The Supramental Avatars come from the Transcendent — that is, from beyond the cosmic law. So they cannot be cosmically law-bound. They obey cosmic laws for their own reasons but they are free and omni-capable. When I showed to the Mother soon after December 5, 1950 a short write-up, for the readers of Mother India, on Sri Aurobindo's departure from his body, she picked out the phrase: "the mortal remains of Sri Aurobindo" — and said: "You cannot say this. There was nothing mortal about Sri Aurobindo. He did not die of physical causes. He had complete control over his body." This was a staggering eye-opener.

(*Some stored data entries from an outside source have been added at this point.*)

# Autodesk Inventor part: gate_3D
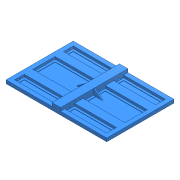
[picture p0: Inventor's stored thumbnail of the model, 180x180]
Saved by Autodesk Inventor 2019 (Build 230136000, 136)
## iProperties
Created: 2018-04
Part Number: gate_3D
Material: 一般
Document SubType Name: Modeling
Designer: ADJ
Density: 1 g/cm^3
Appearance: シアン
Mass: 26393.8 g
Surface Area: 24080.4 cm^2
Volume: 26393.8 cm^3
Author: ADJ
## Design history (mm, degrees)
derived "gate_skelton.ipt"
  sketch "スケッチ1"
    geometry: L1 (-600, 0)-(600, 0) reference; L2 (600, 0)-(600, 800) reference; L3 (600, 800)-(-600, 800) reference; L4 (-600, 800)-(-600, 0) reference; L5 (-550, 633.333)-(550, 633.333) reference; L6 (550, 533.333)-(-550, 533.333) reference; L7 (-550, 266.667)-(550, 266.667) reference; L8 (550, 166.667)-(-550, 166.667) reference; L9 (-50, 800)-(-50, 0) reference; L10 (50, 800)-(50, 0) reference; L11 (0, 0)-(0, 800) reference; L12 (-550, 750)-(550, 750) reference; L13 (550, 750)-(550, 50) reference; L14 (550, 50)-(-550, 50) reference; L15 (-550, 50)-(-550, 750) reference; L16 (-700, 0)-(700, 0) reference; L17 (700, 0)-(700, 2000) reference; L18 (700, 2000)-(-700, 2000) reference; L19 (-700, 2000)-(-700, 0) reference; L20 (0, 800)-(0, 3000) reference; 5 further points
extrude "押し出し1" new body sketch "スケッチ1" distance "d1" = 10; taper "d2" = 0 deg
extrude "押し出し2" join sketch "スケッチ1" distance "d3" = 70; taper "d4" = 0 deg
extrude "押し出し3" join sketch "スケッチ1" distance "d5" = 30; taper "d6" = 0 deg
hole "穴1" diameter "d9" = 50; stored, may be unused: countersink angle "d13" = 90 deg, drill point angle "d15" = 118 deg; dims "d7" = 35, "d8" = 50, "d10" = 6, "d11" = 4, "d12" = 2, "d14" = 100
sketch "スケッチ2"
  geometry: L1 (-40, 0)-(-40, 800) reference; L2 (-40, 800)-(0, 800) reference; L3 (0, 0)-(-40, 0) reference; 3 further points
  dimensions: "d16" = 20 distance from line of L1 point (-20, 700) (= 0.5 x d5 + 0.5 x d1); "d17" = 100 distance from line of L2 point (-20, 700); "d18" = 100 distance from line of L3 point (-20, 100) (= d17); "d19" = 20 distance from line of L1 point (-20, 100) (= d16)
hole "穴2" sketch "スケッチ2" at (-20, 100), (-20, 700) diameter "d20" = 20; stored, may be unused: countersink angle "d24" = 90 deg, drill point angle "d26" = 118 deg; dims "d21" = 6, "d22" = 4, "d23" = 2, "d25" = 8
sketch "スケッチ3"
  geometry: L1 (600, 800)-(-600, 800) reference; L2 (600, 0)-(600, 800) reference; L3 (-600, 0)-(600, 0) reference; L4 (-600, 800)-(-600, 0) reference; L5 (-550, 750)-(550, 750) reference; L6 (550, 750)-(550, 50) reference; L7 (550, 50)-(-550, 50) reference; L8 (-550, 50)-(-550, 750) reference; L9 (-575, 775)-(575, 775); L10 (575, 775)-(575, 25); L11 (575, 25)-(-575, 25); L12 (-575, 25)-(-575, 775); 1 further point
  constraints: 8 end point, 3 other
  dimensions: "d27" = 25 distance between parallel lines of L1 L9
extrude "押し出し4" join sketch "スケッチ3" distance "d28" = 20; taper "d29" = 0 deg
sketch "スケッチ4"
  geometry: L1 (-550, 750)-(550, 750) reference; L2 (-550, 50)-(-550, 750) reference; L3 (-550, 633.333)-(550, 633.333) reference; L4 (550, 533.333)-(-550, 533.333) reference; L5 (-550, 266.667)-(550, 266.667) reference; L6 (550, 166.667)-(-550, 166.667) reference; L7 (550, 50)-(-550, 50) reference; L8 (-50, 800)-(-50, 0) reference; L9 (550, 750)-(550, 50) reference; L10 (50, 800)-(50, 0) reference; L11 (-525, 725)-(-75, 725); L12 (-75, 725)-(-75, 658.333); L13 (-75, 658.333)-(-525, 658.333); L14 (-525, 658.333)-(-525, 725); L15 (-525, 508.333)-(-75, 508.333); L16 (-75, 508.333)-(-75, 291.667); L17 (-75, 291.667)-(-525, 291.667); L18 (-525, 291.667)-(-525, 508.333); L19 (-525, 141.667)-(-75, 141.667); L20 (-75, 141.667)-(-75, 75); L21 (-75, 75)-(-525, 75); L22 (-525, 75)-(-525, 141.667); L23 (75, 725)-(525, 725); L24 (525, 725)-(525, 658.333); L25 (525, 658.333)-(75, 658.333); L26 (75, 658.333)-(75, 725); L27 (75, 508.333)-(525, 508.333); L28 (525, 508.333)-(525, 291.667); L29 (525, 291.667)-(75, 291.667); L30 (75, 291.667)-(75, 508.333); L31 (75, 141.667)-(525, 141.667); L32 (525, 141.667)-(525, 75); L33 (525, 75)-(75, 75); L34 (75, 75)-(75, 141.667); 1 further point
  constraints: 48 end point, 14 point on line, 12 parallel, 6 horizontal, 6 perpendicular
  dimensions: "d30" = 25 distance between parallel lines of L14 L2; "d31" = 25 distance between parallel lines of L1 L11 (= d30); "d32" = 25 distance between parallel lines of L13 L3 (= d31); "d33" = 25 distance between parallel lines of L4 L15 (= d30); "d34" = 25 distance between parallel lines of L17 L5 (= d30); "d35" = 25 distance between parallel lines of L6 L19 (= d34); "d36" = 25 distance between parallel lines of L21 L7 (= d30); "d37" = 25 distance between parallel lines of L9 L24 (= d30); "d38" = 25 distance between parallel lines of L8 L12 (= d30); "d39" = 25 distance between parallel lines of L26 L10 (= d30)
extrude "押し出し5" cut sketch "スケッチ4" distance "d40" = 5; taper "d41" = 0 deg
node "作業平面1"
sketch "スケッチ5"
  geometry: L1 (50, 30)-(50, 70) reference; L2 (50, 0)-(50, 30) reference; L3 (50, 30)-(50, 0) reference; L4 (50, 20)-(50, 0) reference; L5 (50, 0)-(50, 30) reference; L6 (50, 30)-(50, 70) reference; L7 (50, 30)-(50, 70) reference; L8 (50, 30)-(50, 0) reference; L9 (50, 20)-(50, 0) reference; L10 (50, 0)-(50, 30) reference; L11 (50, 30)-(50, 0) reference; L12 (525, -5)-(75, -5) reference; L13 (525, 0)-(75, 0) reference; L14 (75, 0)-(525, 0) reference; L15 (550, 0)-(50, 0) reference; L16 (50, 0)-(550, 0) reference; L17 (75, 0)-(75, -5) reference; L18 (75, 0)-(75, -5) reference; L19 (50, 70)-(-50, 70) reference; L20 (-50, 70)-(50, 70) reference; L21 (50, 67.381)-(150, -5); 1 further point
  constraints: 2 end point, 2 point on line
  dimensions: "d42" = 100 horizontal distance of L21.start L21.end
feature "リブ1" sketch "スケッチ5" dims "d43" = 1, "d44" = 15, "d45" = 0, "d46" = 0, "d47" = 1, "d48" = 1
mirror "ミラー1"
node "ソリッド1"
node "投影ループ1"
node "投影ループ2"
node "投影ループ3"
node "投影ループ4"

Although I had instinctively felt the same way, the direct explicitness of the Mother's statements was like a lightning flash. It amounts to saying that neither Sri Aurobindo nor the Mother would be compelled to leave the body. If physical maladies came about and if they were responsible for the deaths of Sri Aurobindo and the Mother, everything happened by their consent and for a purpose of their own. Nolini's message I take to have been worded from what we may call the absolute point of view: since nothing further was done, it was the Divine's Will that it should not be possible. Perhaps "possible" is an inadequate term and one could have said: "further was not chosen." Here enters your third question.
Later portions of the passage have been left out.